Records to use:
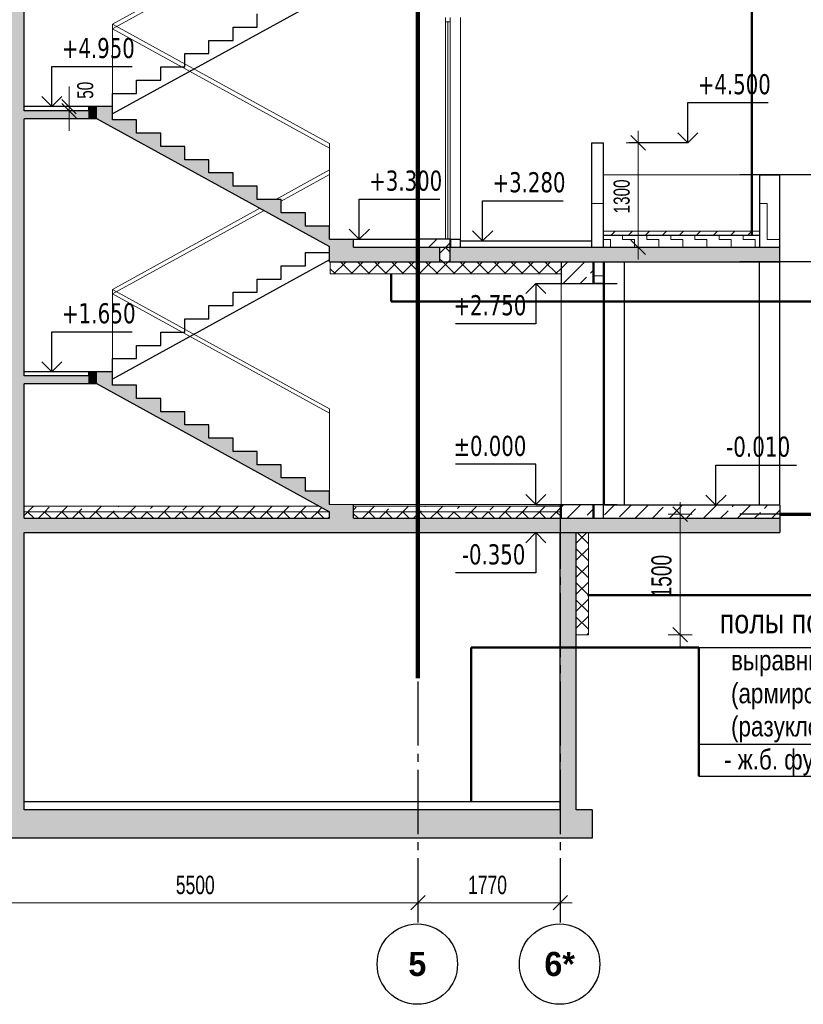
# Model space of a CAD drawing. Header units: millimetres. Extents: x 40580 to 1168286, y -220995 to 81020.
# Tile 66 of 194: x 282077 to 291824, y -72643 to -60392. Entities that reach past the tile are written whole.
import ezdxf

# ---------------------------------------------------------------- set-up
doc = ezdxf.new("R2010")
doc.units = ezdxf.units.MM
doc.linetypes.add('______5', pattern=[1100, 800, -100, 100, -100])
doc.linetypes.add('CENTER', pattern=[2, 1.25, -0.25, 0.25, -0.25])
for name, color, linetype, lineweight in [('Standard', 7, 'Continuous', 25), ('Общий01', 7, 'Continuous', 13), ('ОСИ', 7, 'CENTER', 15), ('Размерная линия_ общее', 7, 'Continuous', 25), ('Стена', 7, 'Continuous', 50), ('Стена_ кирпичная кладка нес.', 7, 'Continuous', 70)]:
    doc.layers.add(name, color=color, linetype=linetype, lineweight=lineweight)
doc.layers.add('Стена_ бетон не несущ.', color=7, linetype='Continuous', lineweight=35, true_color=0xb4b496)
doc.layers.add('Стена_ бетон несущ.', color=7, linetype='Continuous', lineweight=70, true_color=0xb4b496)
doc.layers.add('Тонкие', color=7, linetype='Continuous')
doc.styles.add('Century Gothic', font='txt')
doc.styles.add('MtXpl_Century Gothic', font='txt', dxfattribs={"height": 0.2})
doc.styles.add('TAHOMA', font='tahoma.ttf')

# ---------------------------------------------------------------- blocks, each defined once
blk = doc.blocks.new('ALL_ML_STRICH')
at = {"color": 0, "linetype": 'ByBlock', "lineweight": -2}
for p, q in [((0, -0.5), (0, 0.5)), ((-1, 0), (0.5, 0)), ((-0.3, -0.3), (0.3, 0.3))]:
    blk.add_line(p, q, dxfattribs=at)
blk = doc.blocks.new('NSY101')
at = {"color": 0, "linetype": 'ByBlock', "lineweight": -2}
blk.add_circle((0, 0), 50, dxfattribs=at)

msp = doc.modelspace()

# ---------------------------------------------------------------- linework, layer by layer
at = {"layer": 'Standard', "color": 7, "linetype": 'Continuous', "lineweight": 25, "transparency": 33554687}
for p, q in [((282131, -61524.3), (282131, -59924.3)), ((282477.6, -61474.3), (282477.6, -60974.3)), ((282477.6, -60974.3), (283477.6, -60974.3)), ((282477.6, -61474.3), (282352.6, -61349.3)), ((282477.6, -61474.3), (282602.6, -61349.3)), ((282477.6, -61474.3), (282477.6, -61474.3)), ((282477.6, -61474.3), (282477.6, -61474.3)), ((282477.6, -61474.3), (282477.6, -61474.3)), ((282477.6, -61474.3), (282477.6, -61474.3)), ((290388.8, -61924.3), (290388.8, -61424.3)), ((290388.8, -61424.3), (291388.8, -61424.3)), ((282131, -63404.3), (282131, -61624.3)), ((290388.8, -61924.3), (290263.8, -61799.3)), ((290388.8, -61924.3), (290513.8, -61799.3)), ((290388.8, -61924.3), (290388.8, -61924.3)), ((290388.8, -61924.3), (290388.8, -61924.3)), ((290388.8, -61924.3), (290388.8, -61924.3)), ((290388.8, -61924.3), (290388.8, -61924.3)), ((292035.5, -62324.3), (291035.5, -62324.3)), ((286301.6, -63124.3), (286301.6, -62624.3)), ((286301.6, -62624.3), (287301.6, -62624.3)), ((287835.4, -63144.3), (287835.4, -62644.3)), ((287835.4, -62644.3), (288835.4, -62644.3)), ((286301.6, -63124.3), (286176.6, -62999.3)), ((286301.6, -63124.3), (286426.6, -62999.3)), ((287835.4, -63144.3), (287710.4, -63019.3)), ((287835.4, -63144.3), (287960.4, -63019.3)), ((286301.6, -63124.3), (286301.6, -63124.3)), ((286301.6, -63124.3), (286301.6, -63124.3)), ((286301.6, -63124.3), (286301.6, -63124.3)), ((286301.6, -63124.3), (286301.6, -63124.3)), ((287835.4, -63144.3), (287835.4, -63144.3)), ((287835.4, -63144.3), (287835.4, -63144.3)), ((287835.4, -63144.3), (288787.4, -63144.3)), ((287835.4, -63144.3), (287835.4, -63144.3)), ((287835.4, -63144.3), (287835.4, -63144.3)), ((282131, -64824.3), (282131, -63224.3)), ((291531, -63404.3), (291531, -63224.3)), ((292035.5, -63404.3), (291035.5, -63404.3)), ((288497.7, -63674.3), (288372.7, -63799.3)), ((288497.7, -63674.3), (288622.7, -63799.3)), ((288497.7, -63674.3), (288497.7, -64174.3)), ((288497.7, -63674.3), (288497.7, -63674.3)), ((288497.7, -63674.3), (288497.7, -63674.3)), ((288497.7, -63674.3), (289507.7, -63674.3)), ((288497.7, -63674.3), (288497.7, -63674.3)), ((288497.7, -63674.3), (288497.7, -63674.3)), ((288497.7, -64174.3), (287497.7, -64174.3)), ((282477.6, -64774.3), (282477.6, -64274.3)), ((282477.6, -64274.3), (283477.6, -64274.3)), ((282477.6, -64774.3), (282352.6, -64649.3)), ((282477.6, -64774.3), (282602.6, -64649.3)), ((282477.6, -64774.3), (282477.6, -64774.3)), ((282477.6, -64774.3), (282477.6, -64774.3)), ((282477.6, -64774.3), (282477.6, -64774.3)), ((282477.6, -64774.3), (282477.6, -64774.3)), ((282131, -66594.3), (282131, -64924.3)), ((288497.7, -65924.3), (287497.7, -65924.3)), ((288497.7, -66424.3), (288497.7, -65924.3)), ((290738.1, -66434.3), (290738.1, -65934.3)), ((290738.1, -65934.3), (291738.1, -65934.3)), ((288497.7, -66424.3), (288372.7, -66299.3)), ((288497.7, -66424.3), (288622.7, -66299.3)), ((290738.1, -66434.3), (290613.1, -66309.3)), ((290738.1, -66434.3), (290863.1, -66309.3)), ((288497.7, -66424.3), (288497.7, -66424.3)), ((288497.7, -66424.3), (288497.7, -66424.3)), ((288497.7, -66424.3), (289507.7, -66424.3)), ((288497.7, -66424.3), (288497.7, -66424.3)), ((288497.7, -66424.3), (288497.7, -66424.3)), ((290738.1, -66434.3), (290738.1, -66434.3)), ((290738.1, -66434.3), (290738.1, -66434.3)), ((290738.1, -66434.3), (290738.1, -66434.3)), ((290738.1, -66434.3), (290738.1, -66434.3)), ((282131, -70224.3), (282131, -66774.3)), ((288497.7, -66774.3), (288372.7, -66899.3)), ((288497.7, -66774.3), (288622.7, -66899.3)), ((288497.7, -66774.3), (288497.7, -67274.3)), ((288497.7, -66774.3), (288497.7, -66774.3)), ((288497.7, -66774.3), (288497.7, -66774.3)), ((288497.7, -66774.3), (289507.7, -66774.3)), ((288497.7, -66774.3), (288497.7, -66774.3)), ((288497.7, -66774.3), (288497.7, -66774.3)), ((288497.7, -67274.3), (287497.7, -67274.3))]:
    msp.add_line(p, q, dxfattribs=at)
at = {"layer": 'Standard', "color": 7, "linetype": 'Continuous', "lineweight": 13, "transparency": 33554687}
for p, q in [((287375, -60364.3), (287375, -60420.3)), ((287431, -60420.3), (287431, -60364.3)), ((287375, -60420.3), (287375, -63124.3)), ((287375, -60420.3), (287431, -60420.3)), ((287403, -63123.3), (287403, -60420.3)), ((287431, -63124.3), (287431, -60420.3)), ((289191, -62677.5), (289341, -62677.5)), ((291281, -62677.5), (291376.1, -62677.5)), ((291376.1, -63127.5), (291376.1, -62677.5)), ((289576.1, -63127.5), (289576.1, -63074.3)), ((289876.1, -63127.5), (289876.1, -63074.3)), ((290176.1, -63127.5), (290176.1, -63074.3)), ((290476.1, -63127.5), (290476.1, -63074.3)), ((290776.1, -63127.5), (290776.1, -63074.3)), ((291076.1, -63127.5), (291076.1, -63074.3)), ((289341, -63127.5), (289426.1, -63127.5)), ((289426.1, -63224.3), (289426.1, -63127.5)), ((289576.1, -63127.5), (289726.1, -63127.5)), ((289726.1, -63224.3), (289726.1, -63127.5)), ((289876.1, -63127.5), (290026.1, -63127.5)), ((290026.1, -63224.3), (290026.1, -63127.5)), ((290176.1, -63127.5), (290326.1, -63127.5)), ((290326.1, -63224.3), (290326.1, -63127.5)), ((290476.1, -63127.5), (290626.1, -63127.5)), ((290626.1, -63224.3), (290626.1, -63127.5)), ((290776.1, -63127.5), (290926.1, -63127.5)), ((290926.1, -63224.3), (290926.1, -63127.5)), ((291076.1, -63127.5), (291226.1, -63127.5)), ((291226.1, -63224.3), (291226.1, -63127.5)), ((291376.1, -63127.5), (291531, -63127.5)), ((285986.1, -63554.3), (286136.1, -63404.3)), ((286215.7, -63554.3), (286065.7, -63404.3)), ((286198.3, -63554.3), (286348.3, -63404.3)), ((286427.8, -63554.3), (286277.8, -63404.3)), ((286410.4, -63554.3), (286560.4, -63404.3)), ((286640, -63554.3), (286490, -63404.3)), ((286622.5, -63554.3), (286772.5, -63404.3)), ((286852.1, -63554.3), (286702.1, -63404.3)), ((286834.7, -63554.3), (286984.7, -63404.3)), ((287064.2, -63554.3), (286914.2, -63404.3)), ((287046.8, -63554.3), (287196.8, -63404.3)), ((287276.4, -63554.3), (287126.4, -63404.3)), ((287258.9, -63554.3), (287408.9, -63404.3)), ((287488.5, -63554.3), (287338.5, -63404.3)), ((287471.1, -63554.3), (287621.1, -63404.3)), ((287700.6, -63554.3), (287550.6, -63404.3)), ((287683.2, -63554.3), (287833.2, -63404.3)), ((287912.7, -63554.3), (287762.7, -63404.3)), ((287895.3, -63554.3), (288045.3, -63404.3)), ((288124.9, -63554.3), (287974.9, -63404.3)), ((288107.4, -63554.3), (288257.4, -63404.3)), ((288337, -63554.3), (288187, -63404.3)), ((288319.6, -63554.3), (288469.6, -63404.3)), ((288549.1, -63554.3), (288399.1, -63404.3)), ((288531.7, -63554.3), (288681.7, -63404.3)), ((288761.3, -63554.3), (288611.3, -63404.3)), ((286003.6, -63554.3), (285941, -63491.7)), ((288743.8, -63554.3), (288811, -63487.1)), ((289221, -63577.5), (289341, -63577.5))]:
    msp.add_line(p, q, dxfattribs=at)
at = {"layer": 'Standard', "color": 7, "linetype": 'Continuous', "lineweight": 25, "transparency": 33554687}
for points in [[(290388.8, -61924.3), (289919, -61924.3), (289919, -61924.3), (289652.4, -61924.3)], [(290738.1, -66434.3), (290268.3, -66434.3), (290268.3, -66434.3), (289748.1, -66434.3)], [(292035.5, -66544.3), (291565.8, -66544.3), (291565.8, -66544.3), (291035.5, -66544.3)]]:
    msp.add_lwpolyline(points, dxfattribs=at)
at = {"layer": 'Общий01', "color": 7, "linetype": 'Continuous', "lineweight": 50, "transparency": 33554687}
for p, q in [((291184.5, -55336.2), (291184.5, -63074.3)), ((286699.6, -63896.6), (286699.6, -63554.3)), ((294749.6, -63896.6), (286699.6, -63896.6)), ((294341.2, -67553.8), (289141, -67553.8)), ((290523.2, -68204.5), (287693.2, -68204.5)), ((287693.2, -68204.5), (287693.2, -70124.3)), ((290523.2, -69804.5), (290523.2, -68204.5))]:
    msp.add_line(p, q, dxfattribs=at)
at = {"layer": 'Общий01', "color": 7, "linetype": 'Continuous', "lineweight": 25, "transparency": 33554687}
for p, q in [((289341, -63074.3), (291281, -63074.3)), ((285931, -63124.3), (287031, -63124.3)), ((287561, -63144.3), (289191, -63144.3)), ((285931, -63224.3), (285931, -63214.3)), ((285931, -63404.3), (285931, -63224.3)), ((286231, -63224.3), (291531, -63224.3)), ((285931, -63404.3), (291531, -63404.3)), ((291531, -66434.3), (289351, -66434.3)), ((291531, -66434.3), (291531, -66774.3)), ((282131, -66594.3), (285931, -66594.3)), ((286231, -66594.3), (291531, -66594.3)), ((282131, -66774.3), (288801, -66774.3)), ((289001, -66774.3), (291531, -66774.3)), ((290523.2, -68204.5), (298963.8, -68204.5)), ((290523.2, -69404.5), (298963.8, -69404.5)), ((290523.2, -69804.5), (298963.8, -69804.5))]:
    msp.add_line(p, q, dxfattribs=at)
at = {"layer": 'Общий01', "color": 7, "linetype": 'Continuous', "lineweight": 13, "transparency": 33554687}
msp.add_line((289341, -66424.3), (285931, -66424.3), dxfattribs=at)
at = {"layer": 'Общий01', "color": 218, "linetype": 'Continuous', "lineweight": 13, "true_color": 0x500050, "transparency": 33554687}
for p, q in [((290292.5, -66544.3), (290292.5, -66544.3)), ((290292.5, -68044.3), (290292.5, -68044.3))]:
    msp.add_line(p, q, dxfattribs=at)
at = {"layer": 'Общий01', "color": 96, "linetype": 'Continuous', "lineweight": 13, "transparency": 33554687}
msp.add_line((290292.5, -68044.3), (290292.5, -66544.3), dxfattribs=at)
at = {"layer": 'ОСИ', "color": 16, "linetype": '______5', "lineweight": 25, "transparency": 33554687}
for p, q in [((287031, -66424.3), (287031, -71644.1)), ((288801, -66424.3), (288801, -71644.1))]:
    msp.add_line(p, q, dxfattribs=at)
at = {"layer": 'ОСИ', "color": 218, "linetype": 'Continuous', "lineweight": 13, "true_color": 0x500050, "transparency": 33554687}
for p, q in [((287031, -71059.1), (287031, -71379.1)), ((287031, -71059.1), (287031, -71379.1)), ((288801, -71059.1), (288801, -71379.1)), ((281531, -71379.1), (287031, -71379.1)), ((287031, -71379.1), (288801, -71379.1))]:
    msp.add_line(p, q, dxfattribs=at)
at = {"layer": 'Размерная линия_ общее', "color": 218, "linetype": 'Continuous', "lineweight": 13, "true_color": 0x500050, "transparency": 33554687}
for p, q in [((282691.2, -61474.3), (282691.2, -61474.3)), ((282691.2, -61524.3), (282691.2, -61474.3)), ((282691.2, -61524.3), (282691.2, -61524.3)), ((289771, -61924.3), (289771, -61924.3)), ((289771, -63224.3), (289771, -61924.3)), ((289771, -63224.3), (289771, -63224.3))]:
    msp.add_line(p, q, dxfattribs=at)
at = {"layer": 'Стена', "color": 7, "linetype": 'Continuous', "lineweight": 13, "transparency": 33554687}
for p, q in [((283231, -60447.1), (285065.4, -59438.2)), ((283231, -60504.2), (285117.3, -59466.7)), ((283231, -61474.3), (283231, -60447.1)), ((285931, -61932.1), (283231, -60447.1)), ((285931, -61989.2), (283231, -60504.2)), ((285931, -63124.3), (285931, -61932.1)), ((285931, -63124.3), (285931, -62097.1)), ((285263.5, -62629.3), (285931, -62262.1)), ((285331, -62649.2), (285931, -62319.2)), ((283231, -63747.1), (285065.4, -62738.2)), ((283231, -63804.2), (285117.3, -62766.7)), ((283231, -64774.3), (283231, -63747.1)), ((283231, -64774.3), (283231, -63747.1)), ((285931, -65232.1), (283231, -63747.1)), ((285931, -65289.2), (283231, -63804.2)), ((285931, -66424.3), (285931, -65232.1)), ((282131, -66444.3), (285803.7, -66444.3)), ((282131, -66514.3), (285931, -66514.3)), ((286231, -66444.3), (288811, -66444.3)), ((286231, -66514.3), (288811, -66514.3))]:
    msp.add_line(p, q, dxfattribs=at)
at = {"layer": 'Стена', "color": 7, "linetype": 'Continuous', "lineweight": 25, "transparency": 33554687}
for p, q in [((285931, -60079.3), (283231, -61564.3)), ((285031, -60484.3), (285031, -60319.3)), ((284731, -60484.3), (285031, -60484.3)), ((284731, -60649.3), (284731, -60484.3)), ((284431, -60649.3), (284731, -60649.3)), ((284431, -60814.3), (284431, -60649.3)), ((284131, -60814.3), (284431, -60814.3)), ((284131, -60979.3), (284131, -60814.3)), ((283831, -60979.3), (284131, -60979.3)), ((283831, -61144.3), (283831, -60979.3)), ((283531, -61144.3), (283831, -61144.3)), ((283531, -61309.3), (283531, -61144.3)), ((283231, -61474.3), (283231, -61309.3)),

What to do:
Each line in the data that holds the word "font" must be copied.

Solution below:
doc.styles.add('Century Gothic', font='txt')
doc.styles.add('MtXpl_Century Gothic', font='txt', dxfattribs={"height": 0.2})
doc.styles.add('TAHOMA', font='tahoma.ttf')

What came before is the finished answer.